### Prompt
If a line includes the word "rotation", it belongs in the count; state the total for the data below and add nothing.

Dataset excerpts:
•••

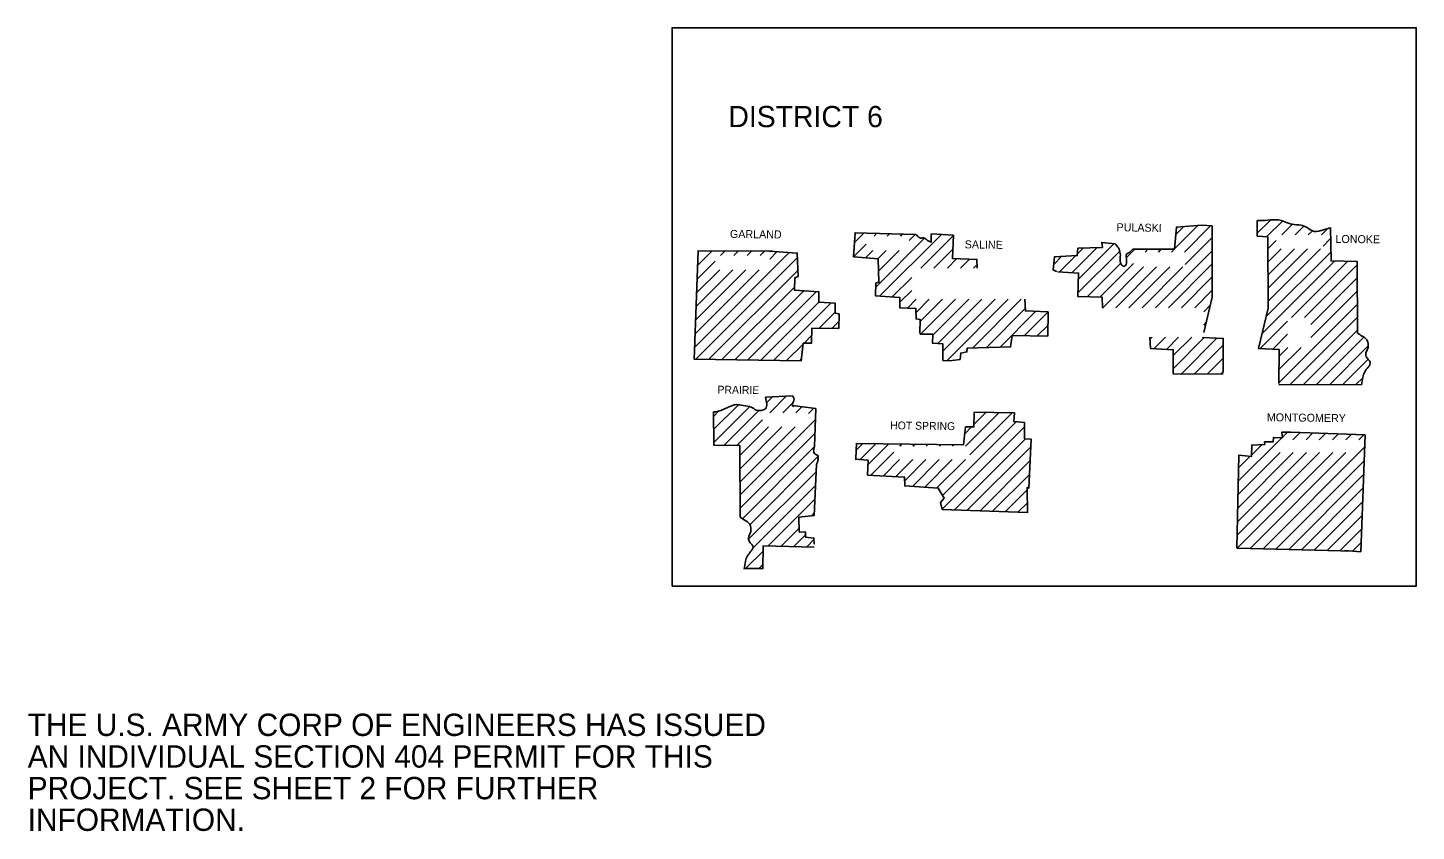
# Model space of a CAD drawing. Extents: x 76 to 6945, y -3933 to 2152.
# Drawn here: x 5990 to 6737, y -2877 to -2445 of the extents above; entities that cross this region are included whole.
import ezdxf

# ---------------------------------------------------------------- set-up
doc = ezdxf.new("R2010")
doc.units = 0
doc.layers.add('R_Draft', color=7, linetype='Continuous')

msp = doc.modelspace()

# ---------------------------------------------------------------- linework, layer by layer
at = {"layer": 'R_Draft'}
for p, q in [((6475.91, -2560.12), (6475.91, -2555.72)), ((6442.11, -2677.32), (6435.01, -2676.62))]:
    msp.add_line(p, q, dxfattribs=at)
msp.add_lwpolyline([(6336.61, -2744.92), (6336.61, -2444.92), (6736.61, -2444.92), (6736.61, -2744.92)], close=True, dxfattribs=at)
for points in [[(6584.21, -2563.92), (6606.71, -2563.82), (6607.71, -2552.02), (6621.11, -2551.02)], [(6606.71, -2563.72), (6619.31, -2551.12)], [(6607.41, -2556.02), (6611.71, -2551.72)], [(6612.11, -2565.42), (6626.11, -2551.42)], [(6621.11, -2551.02), (6626.91, -2551.42), (6627.01, -2589.62), (6622.41, -2608.72)], [(6651.11, -2555.32), (6658.21, -2548.32)], [(6651.11, -2556.92), (6651.11, -2548.52)], [(6656.21, -2557.32), (6664.71, -2548.82)], [(6664.41, -2556.22), (6670.11, -2550.52)], [(6671.51, -2556.22), (6676.11, -2551.62)], [(6690.61, -2552.32), (6690.81, -2570.22), (6704.91, -2570.52), (6705.01, -2608.92)], [(6434.11, -2567.92), (6435.01, -2555.02), (6467.71, -2556.02)], [(6434.61, -2560.32), (6439.81, -2555.12)], [(6445.21, -2556.82), (6446.71, -2555.32)], [(6446.11, -2584.22), (6472.11, -2558.12)], [(6448.31, -2589.02), (6481.21, -2556.12)], [(6452.31, -2556.82), (6453.41, -2555.62)], [(6459.41, -2556.82), (6460.31, -2555.82)], [(6464.01, -2559.22), (6467.21, -2556.02)], [(6470.41, -2574.02), (6487.71, -2556.72)], [(6475.91, -2555.72), (6487.81, -2556.42), (6487.41, -2568.92), (6500.51, -2569.42), (6500.61, -2574.02)], [(6612.41, -2572.12), (6626.91, -2557.62)], [(6662.81, -2636.12), (6662.91, -2617.72), (6651.81, -2617.22), (6657.01, -2595.52), (6656.91, -2557.32), (6651.11, -2556.92)], [(6656.91, -2563.72), (6661.41, -2559.22)], [(6678.61, -2556.22), (6680.71, -2554.12)], [(6685.61, -2556.22), (6688.71, -2553.12)], [(6686.61, -2562.22), (6690.61, -2558.22)], [(6348.41, -2623.02), (6350.61, -2564.72), (6390.61, -2564.92)], [(6348.71, -2616.62), (6399.61, -2565.72)], [(6350.31, -2572.62), (6358.11, -2564.82)], [(6350.61, -2565.32), (6351.11, -2564.72)], [(6362.71, -2567.32), (6365.21, -2564.82)], [(6369.81, -2567.32), (6372.21, -2564.92)], [(6376.91, -2567.32), (6379.31, -2564.92)], [(6383.91, -2567.32), (6386.31, -2564.92)], [(6389.01, -2564.92), (6403.91, -2566.02), (6404.31, -2578.62), (6402.61, -2579.22), (6402.41, -2585.92), (6415.51, -2586.82), (6415.51, -2592.32), (6424.21, -2592.82), (6424.31, -2598.32), (6426.41, -2598.62), (6426.31, -2606.52)], [(6389.11, -2569.22), (6393.01, -2565.32)], [(6434.11, -2567.92), (6440.91, -2561.12)], [(6440.61, -2568.52), (6444.61, -2564.52)], [(6447.21, -2569.02), (6451.71, -2564.52)], [(6447.71, -2575.52), (6458.71, -2564.52)], [(6475.91, -2560.12), (6475.91, -2560.22)], [(6477.41, -2574.02), (6487.51, -2563.92)], [(6543.21, -2576.02), (6543.21, -2575.92), (6541.41, -2575.02), (6542.11, -2568.02), (6554.41, -2567.32), (6554.81, -2563.42), (6567.91, -2562.92), (6567.61, -2560.22), (6574.81, -2561.02)], [(6544.91, -2576.02), (6553.71, -2567.22)], [(6551.61, -2576.42), (6564.91, -2563.12)], [(6554.51, -2566.42), (6557.61, -2563.32)], [(6554.71, -2587.42), (6577.21, -2565.02)], [(6555.01, -2580.02), (6574.01, -2561.02)], [(6580.71, -2568.52), (6585.31, -2563.92)], [(6590.91, -2565.42), (6592.41, -2563.92)], [(6596.41, -2595.32), (6626.91, -2564.72)], [(6598.01, -2565.42), (6599.41, -2563.92)], [(6605.01, -2565.42), (6606.51, -2563.92)], [(6656.01, -2600.02), (6690.81, -2565.22)], [(6657.01, -2591.82), (6685.11, -2563.72)], [(6657.01, -2584.82), (6678.11, -2563.72)], [(6657.01, -2577.72), (6671.11, -2563.72)], [(6657.01, -2570.72), (6664.01, -2563.72)], [(6349.41, -2623.02), (6403.91, -2568.52)], [(6350.11, -2579.92), (6359.71, -2570.32)], [(6469.81, -2609.02), (6469.91, -2601.62), (6467.81, -2601.32), (6467.71, -2595.82), (6459.01, -2595.32), (6459.01, -2589.82), (6445.91, -2588.92), (6446.11, -2582.22), (6447.81, -2581.62), (6447.41, -2569.02), (6434.11, -2568.02)], [(6484.61, -2574.02), (6489.51, -2569.02)], [(6491.61, -2574.02), (6496.41, -2569.22)], [(6498.71, -2574.02), (6500.51, -2572.22)], [(6541.71, -2572.22), (6546.21, -2567.72)], [(6559.81, -2589.42), (6577.91, -2571.32)], [(6566.61, -2589.72), (6584.71, -2571.62)], [(6568.01, -2595.42), (6568.11, -2595.32), (6590.01, -2573.42)], [(6575.11, -2595.32), (6597.01, -2573.42)], [(6582.21, -2595.32), (6604.11, -2573.42)], [(6589.31, -2595.32), (6611.21, -2573.42)], [(6603.41, -2595.32), (6626.91, -2571.82)], [(6653.71, -2609.32), (6692.71, -2570.32)], [(6669.61, -2600.52), (6699.61, -2570.52)], [(6676.61, -2600.52), (6704.91, -2572.22)], [(6349.01, -2609.32), (6383.41, -2574.92)], [(6349.21, -2602.02), (6376.31, -2574.92)], [(6349.51, -2594.62), (6369.31, -2574.92)], [(6349.81, -2587.32), (6362.21, -2574.92)], [(6356.41, -2623.02), (6404.21, -2575.32)], [(6454.91, -2589.52), (6465.41, -2579.02)], [(6568.01, -2595.32), (6567.81, -2589.72), (6554.71, -2589.22), (6555.11, -2576.72), (6543.91, -2576.02)], [(6610.51, -2595.32), (6626.91, -2578.82)], [(6679.91, -2604.32), (6704.91, -2579.32)], [(6363.41, -2623.22), (6402.41, -2584.22)], [(6370.41, -2623.32), (6407.41, -2586.22)], [(6377.31, -2623.42), (6414.01, -2586.72)], [(6459.01, -2592.42), (6465.41, -2586.02)], [(6617.61, -2595.32), (6626.91, -2585.92)], [(6679.91, -2611.42), (6704.91, -2586.42)], [(6384.31, -2623.52), (6415.51, -2592.32)], [(6391.31, -2623.52), (6422.11, -2592.72)], [(6463.11, -2595.52), (6467.81, -2590.82)], [(6467.81, -2597.82), (6474.81, -2590.82)], [(6469.91, -2602.82), (6481.91, -2590.82)], [(6470.21, -2609.62), (6489.01, -2590.82)], [(6476.81, -2610.02), (6496.11, -2590.82)], [(6479.41, -2614.52), (6503.11, -2590.82)], [(6482.21, -2618.72), (6510.21, -2590.82)], [(6484.31, -2623.82), (6517.31, -2590.82)], [(6498.11, -2617.02), (6524.31, -2590.82)], [(6505.41, -2616.82), (6526.41, -2595.82)], [(6526.21, -2590.82), (6526.51, -2597.02), (6538.71, -2597.62), (6538.61, -2610.62)], [(6622.41, -2597.52), (6625.91, -2594.02)], [(6662.91, -2635.52), (6704.91, -2593.52)], [(6415.51, -2606.42), (6424.21, -2597.72)], [(6422.51, -2606.52), (6426.31, -2602.72)], [(6512.71, -2616.62), (6531.91, -2597.32)], [(6525.91, -2610.52), (6538.71, -2597.62)], [(6622.41, -2604.62), (6623.71, -2603.32)], [(6652.91, -2617.12), (6667.51, -2602.52)], [(6668.71, -2636.72), (6704.91, -2600.52)], [(6426.31, -2606.52), (6411.71, -2606.32), (6411.61, -2614.32), (6407.11, -2614.32), (6406.01, -2623.82), (6348.41, -2623.02)], [(6407.61, -2614.32), (6411.61, -2610.32)], [(6485.81, -2623.92), (6482.21, -2623.62), (6482.21, -2614.82), (6476.61, -2614.42), (6476.81, -2609.62), (6469.81, -2609.52)], [(6538.61, -2610.62), (6519.51, -2610.32), (6518.61, -2616.42), (6495.31, -2617.12), (6495.11, -2619.12), (6491.81, -2619.72), (6491.41, -2623.12), (6485.81, -2623.92)], [(6532.91, -2610.52), (6538.61, -2604.82)], [(6605.91, -2630.92), (6606.01, -2617.92), (6593.81, -2617.32), (6593.51, -2611.12)], [(6593.61, -2612.22), (6594.71, -2611.12)], [(6595.51, -2617.42), (6601.81, -2611.12)], [(6602.31, -2617.72), (6608.91, -2611.12)], [(6605.91, -2628.12), (6622.71, -2611.42)], [(6606.01, -2621.02), (6615.91, -2611.12)], [(6610.21, -2631.02), (6629.51, -2611.62)], [(6621.91, -2611.12), (6621.81, -2611.32), (6632.91, -2611.82), (6632.81, -2630.22)], [(6659.71, -2617.42), (6667.51, -2609.62)], [(6675.81, -2636.72), (6704.91, -2607.62)], [(6682.91, -2636.72), (6708.31, -2611.32)], [(6398.21, -2623.72), (6407.01, -2614.92)], [(6617.31, -2631.02), (6632.81, -2615.42)], [(6662.91, -2628.42), (6674.71, -2616.62)], [(6662.91, -2621.32), (6667.61, -2616.62)], [(6690.01, -2636.72), (6710.61, -2616.02)], [(6405.21, -2623.82), (6406.11, -2622.82)], [(6624.41, -2630.92), (6632.81, -2622.52)], [(6697.11, -2636.62), (6710.81, -2622.92)], [(6610.71, -2631.02), (6605.91, -2630.92)], [(6632.81, -2630.82), (6610.71, -2631.02)], [(6631.51, -2630.92), (6632.81, -2629.52)], [(6704.21, -2636.62), (6707.91, -2632.92)], [(6707.21, -2636.62), (6662.81, -2636.82)], [(6358.91, -2660.82), (6372.11, -2647.62)], [(6359.01, -2667.72), (6378.21, -2648.52)], [(6386.81, -2643.42), (6401.31, -2642.72)], [(6387.81, -2646.02), (6390.51, -2643.32)], [(6389.11, -2651.82), (6398.01, -2642.92)], [(6396.11, -2651.82), (6401.81, -2646.12)], [(6401.31, -2647.92), (6413.81, -2649.52), (6413.11, -2669.92)], [(6403.21, -2651.82), (6406.41, -2648.62)], [(6358.81, -2653.82), (6362.01, -2650.62)], [(6373.21, -2707.82), (6373.11, -2669.42), (6359.01, -2669.12), (6358.81, -2651.22)], [(6364.61, -2669.22), (6383.21, -2650.62)], [(6371.41, -2669.42), (6385.31, -2655.52)], [(6409.91, -2652.12), (6412.71, -2649.42)], [(6409.91, -2659.22), (6413.61, -2655.52)], [(6435.71, -2668.32), (6493.31, -2668.92), (6494.41, -2659.42), (6498.91, -2659.42), (6499.01, -2651.42), (6520.61, -2651.72), (6520.41, -2656.52), (6526.01, -2656.92), (6526.01, -2665.72), (6529.61, -2666.02), (6528.41, -2692.22), (6527.51, -2691.92), (6527.61, -2705.52)], [(6482.01, -2696.22), (6521.51, -2656.72)], [(6494.41, -2669.72), (6512.51, -2651.62)], [(6496.71, -2674.42), (6519.51, -2651.72)], [(6498.91, -2658.12), (6505.51, -2651.52)], [(6373.11, -2674.82), (6388.51, -2659.42)], [(6373.21, -2695.92), (6409.71, -2659.42)], [(6373.21, -2688.82), (6402.71, -2659.42)], [(6373.21, -2681.82), (6395.61, -2659.42)], [(6373.21, -2703.02), (6413.31, -2662.92)], [(6481.81, -2703.52), (6526.01, -2659.32)], [(6494.01, -2663.12), (6497.61, -2659.42)], [(6640.19, -2724.51), (6641.29, -2674.61), (6648.09, -2675.21), (6648.19, -2669.11), (6655.19, -2668.91), (6655.09, -2667.31), (6659.79, -2667.31), (6659.89, -2665.11), (6664.69, -2665.21), (6664.29, -2662.21), (6669.29, -2662.11)], [(6664.59, -2665.01), (6667.39, -2662.21)], [(6669.29, -2662.11), (6709.09, -2663.61)], [(6670.29, -2666.31), (6674.29, -2662.31)], [(6677.39, -2666.31), (6681.09, -2662.61)], [(6684.49, -2666.31), (6687.99, -2662.81)], [(6691.59, -2666.31), (6694.79, -2663.11)], [(6698.69, -2666.31), (6701.59, -2663.41)], [(6705.69, -2666.31), (6708.39, -2663.61)], [(6709.09, -2663.61), (6706.79, -2726.41)], [(6374.71, -2708.62), (6412.71, -2670.52)], [(6435.41, -2676.42), (6435.71, -2668.12)], [(6435.61, -2671.92), (6439.21, -2668.32)], [(6437.81, -2676.82), (6446.21, -2668.42)], [(6442.11, -2679.62), (6453.21, -2668.42)], [(6459.11, -2669.72), (6460.21, -2668.52)], [(6466.11, -2669.72), (6467.21, -2668.62)], [(6473.21, -2669.72), (6474.11, -2668.82)], [(6480.31, -2669.72), (6481.11, -2668.92)], [(6487.41, -2669.72), (6488.11, -2668.92)], [(6488.51, -2703.92), (6526.61, -2665.72)], [(6495.31, -2704.12), (6529.41, -2670.12)], [(6640.99, -2688.61), (6663.09, -2666.51)], [(6648.19, -2674.31), (6653.59, -2669.01)], [(6654.29, -2724.81), (6708.89, -2670.21)], [(6655.09, -2667.41), (6655.29, -2667.31)], [(6663.29, -2666.31), (6664.39, -2665.21)], [(6378.61, -2711.82), (6415.01, -2675.32)], [(6527.61, -2705.32), (6481.81, -2703.72), (6480.91, -2700.02), (6482.81, -2697.62), (6479.71, -2692.22), (6461.71, -2691.12), (6461.61, -2686.32), (6441.71, -2685.22), (6442.11, -2677.32)], [(6443.51, -2685.32), (6455.81, -2672.92)], [(6450.21, -2685.62), (6458.91, -2676.92)], [(6456.91, -2686.02), (6466.01, -2676.92)], [(6461.71, -2688.32), (6473.11, -2676.92)], [(6465.81, -2691.32), (6480.21, -2676.92)], [(6472.41, -2691.72), (6487.21, -2676.92)], [(6479.01, -2692.12), (6494.31, -2676.92)], [(6502.21, -2704.42), (6529.01, -2677.52)], [(6640.29, -2724.61), (6640.39, -2724.51), (6691.79, -2673.21)], [(6640.39, -2717.51), (6684.69, -2673.21)], [(6640.49, -2710.31), (6677.59, -2673.21)], [(6640.69, -2703.01), (6670.49, -2673.21)], [(6640.79, -2695.81), (6663.39, -2673.21)], [(6641.09, -2681.41), (6647.39, -2675.11)], [(6647.29, -2724.71), (6698.79, -2673.21)], [(6661.09, -2725.01), (6708.59, -2677.61)], [(6377.71, -2719.72), (6414.01, -2683.42)], [(6414.21, -2679.52), (6413.01, -2706.92), (6404.81, -2707.82), (6405.01, -2715.92), (6408.31, -2715.82), (6408.41, -2718.62), (6412.91, -2719.12), (6413.01, -2722.42)], [(6508.91, -2704.72), (6528.71, -2684.92)], [(6668.09, -2725.21), (6708.29, -2684.91)], [(6380.21, -2724.32), (6413.71, -2690.82)], [(6515.71, -2704.92), (6527.51, -2693.22)], [(6674.89, -2725.41), (6707.99, -2692.31)], [(6388.31, -2723.22), (6413.41, -2698.22)], [(6522.51, -2705.22), (6527.61, -2700.22)], [(6681.79, -2725.51), (6707.79, -2699.61)], [(6411.51, -2707.12), (6413.01, -2705.62)], [(6688.79, -2725.71), (6707.49, -2706.91)], [(6395.21, -2723.42), (6405.01, -2713.72)], [(6695.59, -2725.91), (6707.19, -2714.31)], [(6413.01, -2723.92), (6385.61, -2723.22), (6385.41, -2735.52), (6375.41, -2735.52)], [(6402.11, -2723.62), (6408.41, -2717.32)], [(6409.01, -2723.82), (6413.01, -2719.72)], [(6702.59, -2726.01), (6706.89, -2721.61)], [(6376.11, -2735.42), (6385.71, -2725.92)], [(6703.09, -2726.11), (6640.39, -2724.51)], [(6698.09, -2726.01), (6698.09, -2725.81), (6706.79, -2726.41)], [(6383.21, -2735.42), (6385.41, -2733.22)]]:
    msp.add_lwpolyline(points, dxfattribs=at)
for points in [[(6651.31, -2548.52), (6656.91, -2548.32), (6662.41, -2548.12), (6665.91, -2549.12), (6669.91, -2550.42), (6674.61, -2551.02), (6677.91, -2552.32), (6681.81, -2554.32), (6686.81, -2553.42), (6690.61, -2552.42)], [(6467.71, -2556.02), (6468.91, -2557.12), (6470.21, -2557.92), (6471.81, -2557.82), (6473.31, -2558.72), (6475.91, -2560.12)], [(6574.81, -2561.02), (6576.51, -2563.22), (6577.51, -2566.22), (6577.51, -2569.62), (6578.31, -2572.42), (6579.91, -2573.02), (6580.91, -2570.62), (6580.71, -2568.22), (6580.71, -2566.82), (6582.41, -2565.62), (6584.21, -2563.92)], [(6705.01, -2608.92), (6707.51, -2610.62), (6710.11, -2612.62), (6710.81, -2615.32), (6710.61, -2617.22), (6709.81, -2618.82), (6709.61, -2621.32), (6710.81, -2623.12), (6711.91, -2624.62), (6710.81, -2627.32), (6708.91, -2629.82), (6707.91, -2632.62), (6707.21, -2636.82)], [(6358.81, -2651.32), (6358.91, -2651.32), (6364.01, -2650.02), (6367.31, -2648.62), (6371.11, -2647.42), (6374.91, -2647.92), (6379.21, -2648.72), (6381.91, -2650.32), (6386.81, -2649.62), (6386.81, -2643.42)], [(6401.41, -2642.72), (6402.21, -2644.32), (6401.91, -2645.72), (6401.31, -2647.92), (6401.81, -2648.62)], [(6413.11, -2669.92), (6412.71, -2671.92), (6413.51, -2674.02), (6414.91, -2674.72), (6415.11, -2676.72), (6414.61, -2678.72), (6414.21, -2679.52)], [(6375.41, -2735.72), (6376.11, -2731.52), (6377.11, -2728.72), (6379.01, -2726.22), (6380.11, -2723.52), (6379.01, -2722.02), (6377.81, -2720.22), (6378.01, -2717.72), (6378.81, -2716.12), (6379.01, -2714.22), (6378.31, -2711.52), (6375.71, -2709.52), (6373.21, -2707.82)]]:
    msp.add_spline(points, degree=3, dxfattribs=at)

# ---------------------------------------------------------------- texts
for s, height, p in [('DISTRICT 6', 11.4, (6366.91, -2498.32)), ('THE U.S. ARMY CORP OF ENGINEERS HAS ISSUED', 12, (5990.27, -2825.43)), ('AN INDIVIDUAL SECTION 404 PERMIT FOR THIS', 12, (5990.27, -2842.43)), ('PROJECT. SEE SHEET 2 FOR FURTHER', 12, (5990.27, -2859.43)), ('INFORMATION.', 12, (5990.27, -2876.43))]:
    msp.add_text(s, height=height, dxfattribs=at).set_placement(p)
for s, height, rotation, p in [('PULASKI', 4.301, 359.05305, (6575.51, -2554.22)), ('GARLAND', 4.301, 359.36576, (6367.71, -2557.82)), ('SALINE', 4.301, 359.14914, (6493.91, -2563.42)), ('LONOKE', 4.301, 359.49742, (6693.21, -2560.52)), ('PRAIRIE', 4.201, 359.21158, (6361.01, -2641.42)), ('HOT SPRING', 4.201, 359.22157, (6453.81, -2660.62)), ('MONTGOMERY', 4.301, 359.29442, (6656.29, -2656.31))]:
    msp.add_text(s, height=height, rotation=rotation, dxfattribs=at).set_placement(p)

doc.saveas('drawing.dxf')
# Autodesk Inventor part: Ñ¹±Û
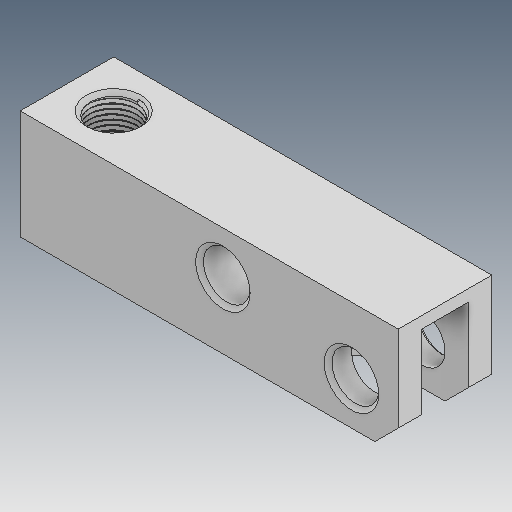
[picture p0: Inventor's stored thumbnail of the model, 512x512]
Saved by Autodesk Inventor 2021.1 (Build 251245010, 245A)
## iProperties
Created: 2019-04
Part Number: Ñ¹±Û
Material: Ogólny
Document SubType Name: Modeling
Designer: user
Density: 1 g/cm^3
Appearance: Domyślna
Author: user
Revision Number: ÈÎºÎ
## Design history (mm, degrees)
feature "ÊäÈë1"
node "Bryła1"

•••

### Exercise response
2